• Task prompt: Leaving out all pictures, retype the records exactly.

• Provided records:
--------------------------------------------------

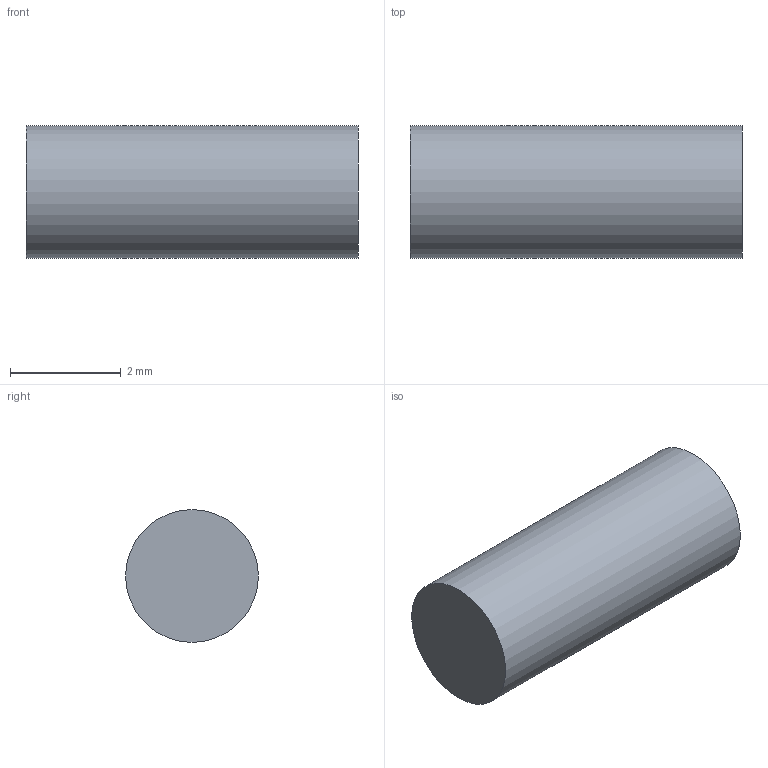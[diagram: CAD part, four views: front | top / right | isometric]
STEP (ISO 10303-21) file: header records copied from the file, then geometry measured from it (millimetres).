
FILE_DESCRIPTION(('Open CASCADE Model'),'2;1');
FILE_NAME('Open CASCADE Shape Model','2026-09-15T14:46:20',('Author'),( 'Open CASCADE'),'Open CASCADE STEP processor 7.7','Open CASCADE 7.7' ,'Unknown');
FILE_SCHEMA(('AUTOMOTIVE_DESIGN { 1 0 10303 214 1 1 1 1 }'));
Length unit declared in the file: millimetre
Products named in the file (1): J9_JOINT_VOLUP_THREE_WAY_COMMON_D2p4_ALLOWANCE
Bounding box: 6 x 2.4 x 2.4 mm (x, y, z)
Volume: 27.1 mm3; surface area: 54.3 mm2
Topology: 1 solids, 1 shells, 3 faces, 3 edges, 2 vertices
Faces by surface type: plane 2, cylinder 1
Full cylindrical faces by diameter (mm): 2.4 x1
Entity records: 108 total; most frequent: DIRECTION 19, CARTESIAN_POINT 15, AXIS2_PLACEMENT_3D 6, ORIENTED_EDGE 6, PCURVE 6, DEFINITIONAL_REPRESENTATION 6, LINE 5, VECTOR 5
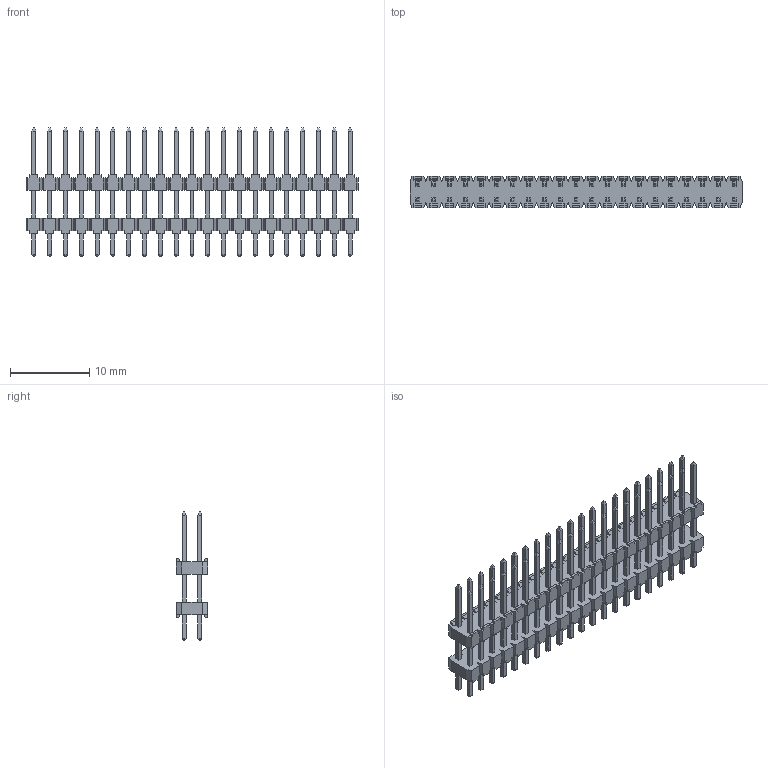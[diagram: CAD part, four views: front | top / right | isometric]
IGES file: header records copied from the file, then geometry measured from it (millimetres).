
Global section: file name: N:\GOLF_VI_2mm_UGII\9514XX_806XX06_AR\951442-8061506-AR.igs; native system: NX V3.0; preprocessor: UGS NX IGES V4.0; date: 20070314.101754; units: millimetre
Bounding box: 42 x 4 x 16.2 mm (x, y, z)
Surface area: 2184.1 mm2 (no closed solid volume)
Topology: 0 solids, 0 shells, 1520 faces, 7921 edges, 7921 vertices
Faces by surface type: bspline 1520

--------------------------------------------------

• Worked solution:
[diagram: CAD part, four views: front | top / right | isometric]
STEP (ISO 10303-21) file: header records copied from the file, then geometry measured from it (millimetres).
FILE_DESCRIPTION(('Open CASCADE Model'),'2;1');
FILE_NAME('Open CASCADE Shape Model','2026-09-15T14:46:20',('Author'),( 'Open CASCADE'),'Open CASCADE STEP processor 7.7','Open CASCADE 7.7' ,'Unknown');
FILE_SCHEMA(('AUTOMOTIVE_DESIGN { 1 0 10303 214 1 1 1 1 }'));
Length unit declared in the file: millimetre
Products named in the file (1): J9_JOINT_VOLUP_THREE_WAY_COMMON_D2p4_ALLOWANCE
Bounding box: 6 x 2.4 x 2.4 mm (x, y, z)
Volume: 27.1 mm3; surface area: 54.3 mm2
Topology: 1 solids, 1 shells, 3 faces, 3 edges, 2 vertices
Faces by surface type: plane 2, cylinder 1
Full cylindrical faces by diameter (mm): 2.4 x1
Entity records: 108 total; most frequent: DIRECTION 19, CARTESIAN_POINT 15, AXIS2_PLACEMENT_3D 6, ORIENTED_EDGE 6, PCURVE 6, DEFINITIONAL_REPRESENTATION 6, LINE 5, VECTOR 5
[diagram: CAD part, four views: front | top / right | isometric]
IGES file: header records copied from the file, then geometry measured from it (millimetres).
Global section: file name: N:\GOLF_VI_2mm_UGII\9514XX_806XX06_AR\951442-8061506-AR.igs; native system: NX V3.0; preprocessor: UGS NX IGES V4.0; date: 20070314.101754; units: millimetre
Bounding box: 42 x 4 x 16.2 mm (x, y, z)
Surface area: 2184.1 mm2 (no closed solid volume)
Topology: 0 solids, 0 shells, 1520 faces, 7921 edges, 7921 vertices
Faces by surface type: bspline 1520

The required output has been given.